▶ _What you should do_
Set down the data again word for word. Skip any pictures.

** Opening Given entries block **

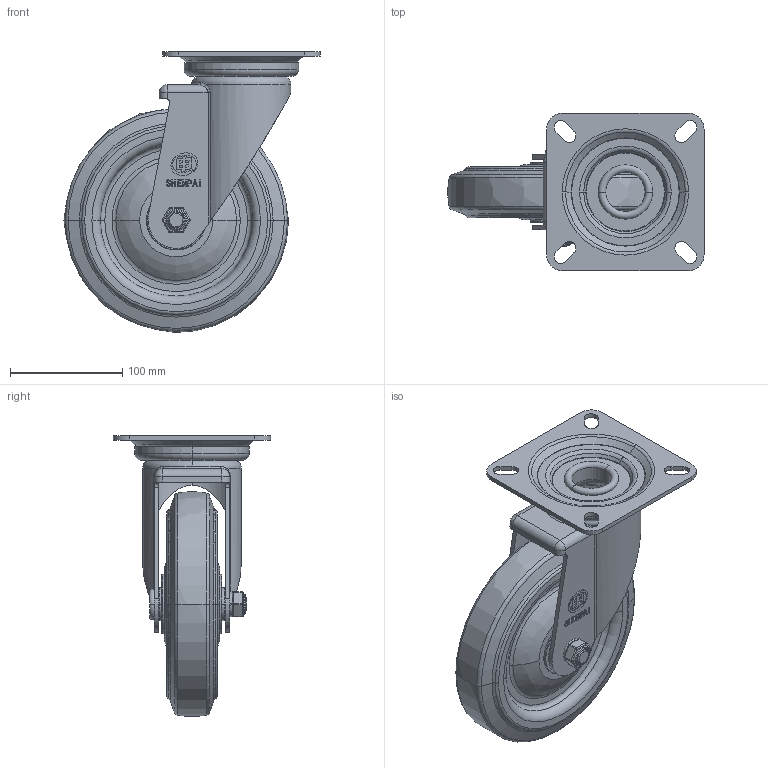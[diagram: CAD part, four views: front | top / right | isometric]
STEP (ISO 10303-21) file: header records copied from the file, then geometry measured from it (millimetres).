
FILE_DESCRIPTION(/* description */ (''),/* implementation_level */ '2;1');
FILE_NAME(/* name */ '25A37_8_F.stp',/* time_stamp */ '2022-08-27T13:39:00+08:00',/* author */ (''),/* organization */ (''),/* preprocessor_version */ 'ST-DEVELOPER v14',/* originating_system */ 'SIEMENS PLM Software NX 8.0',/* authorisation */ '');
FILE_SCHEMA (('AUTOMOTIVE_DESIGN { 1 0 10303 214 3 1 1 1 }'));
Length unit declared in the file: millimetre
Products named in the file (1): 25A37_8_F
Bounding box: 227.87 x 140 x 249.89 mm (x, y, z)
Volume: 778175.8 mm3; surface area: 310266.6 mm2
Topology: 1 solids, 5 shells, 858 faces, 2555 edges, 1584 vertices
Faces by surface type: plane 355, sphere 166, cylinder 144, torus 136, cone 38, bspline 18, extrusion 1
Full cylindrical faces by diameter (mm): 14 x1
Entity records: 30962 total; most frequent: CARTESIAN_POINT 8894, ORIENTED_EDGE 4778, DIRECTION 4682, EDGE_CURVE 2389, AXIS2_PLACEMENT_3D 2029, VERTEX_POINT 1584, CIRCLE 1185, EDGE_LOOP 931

** Closing Given entries block **

▶ _Solution for this task_
[diagram: CAD part, four views: front | top / right | isometric]
STEP (ISO 10303-21) file: header records copied from the file, then geometry measured from it (millimetres).
FILE_DESCRIPTION(/* description */ (''),/* implementation_level */ '2;1');
FILE_NAME(/* name */ '25A37_8_F.stp',/* time_stamp */ '2022-08-27T13:39:00+08:00',/* author */ (''),/* organization */ (''),/* preprocessor_version */ 'ST-DEVELOPER v14',/* originating_system */ 'SIEMENS PLM Software NX 8.0',/* authorisation */ '');
FILE_SCHEMA (('AUTOMOTIVE_DESIGN { 1 0 10303 214 3 1 1 1 }'));
Length unit declared in the file: millimetre
Products named in the file (1): 25A37_8_F
Bounding box: 227.87 x 140 x 249.89 mm (x, y, z)
Volume: 778175.8 mm3; surface area: 310266.6 mm2
Topology: 1 solids, 5 shells, 858 faces, 2555 edges, 1584 vertices
Faces by surface type: plane 355, sphere 166, cylinder 144, torus 136, cone 38, bspline 18, extrusion 1
Full cylindrical faces by diameter (mm): 14 x1
Entity records: 30962 total; most frequent: CARTESIAN_POINT 8894, ORIENTED_EDGE 4778, DIRECTION 4682, EDGE_CURVE 2389, AXIS2_PLACEMENT_3D 2029, VERTEX_POINT 1584, CIRCLE 1185, EDGE_LOOP 931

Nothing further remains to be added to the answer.